Task description ->
Extract the lines of the material below, beginning with the first and ending with the line that holds "(çáñó¿ª¬á 47GV DN700". Skip every picture.

Supplied data ->

################

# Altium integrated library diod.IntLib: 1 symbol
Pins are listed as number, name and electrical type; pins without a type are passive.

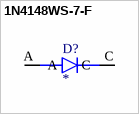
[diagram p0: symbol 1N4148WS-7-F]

## 1N4148WS-7-F
designator D?
Diode Standard 75 V 150mA Surface Mount SOD-323; MP: 1N4148WS-7-F; MF: Diodes Inc.
footprint SOD2513X120N
footprint SOD2513X120N
pins: A, C
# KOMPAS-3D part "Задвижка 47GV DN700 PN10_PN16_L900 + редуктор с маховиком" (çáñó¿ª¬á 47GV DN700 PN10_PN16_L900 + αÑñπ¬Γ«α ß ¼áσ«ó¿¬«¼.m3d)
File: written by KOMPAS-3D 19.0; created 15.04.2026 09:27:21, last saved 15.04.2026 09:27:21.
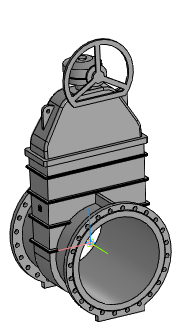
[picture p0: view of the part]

Document properties: Автор: Энергия; Полное имя файла: ..\..\Задвижка 47GV DN700 PN10_L900 + редуктор с маховиком.a3d

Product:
- Part/product: Задвижка 47GV DN700 PN10_PN16_L900 + редуктор с маховиком
    Масса: 2246.56

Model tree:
1. Операция без истории:1
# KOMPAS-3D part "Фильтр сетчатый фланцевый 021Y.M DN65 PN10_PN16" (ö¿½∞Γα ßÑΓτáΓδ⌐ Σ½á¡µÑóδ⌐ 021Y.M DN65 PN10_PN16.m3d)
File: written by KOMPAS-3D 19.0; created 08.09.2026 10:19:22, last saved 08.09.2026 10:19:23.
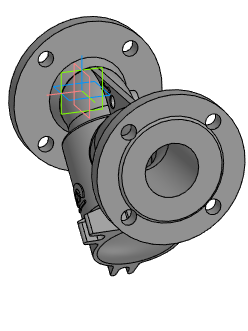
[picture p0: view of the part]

Document properties: Автор: Энергия; Полное имя файла: Z:\3.Личные\sachek\Dendor\_3D для проектировщиков\8.2 Фильтр сетчатый 021Y.M\021Y.M_STP\Фильтр сетчатый фланцевый 021Y.M DN65 PN10_PN16.m3d

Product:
- Part/product: Фильтр сетчатый фланцевый 021Y.M DN65 PN10_PN16
    Масса: 13.846

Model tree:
1. Операция без истории:1

################

Exercise result ->
# Altium integrated library diod.IntLib: 1 symbol
Pins are listed as number, name and electrical type; pins without a type are passive.

[diagram p0: symbol 1N4148WS-7-F]

## 1N4148WS-7-F
designator D?
Diode Standard 75 V 150mA Surface Mount SOD-323; MP: 1N4148WS-7-F; MF: Diodes Inc.
footprint SOD2513X120N
footprint SOD2513X120N
pins: A, C
# KOMPAS-3D part "Задвижка 47GV DN700 PN10_PN16_L900 + редуктор с маховиком" (çáñó¿ª¬á 47GV DN700 PN10_PN16_L900 + αÑñπ¬Γ«α ß ¼áσ«ó¿¬«¼.m3d)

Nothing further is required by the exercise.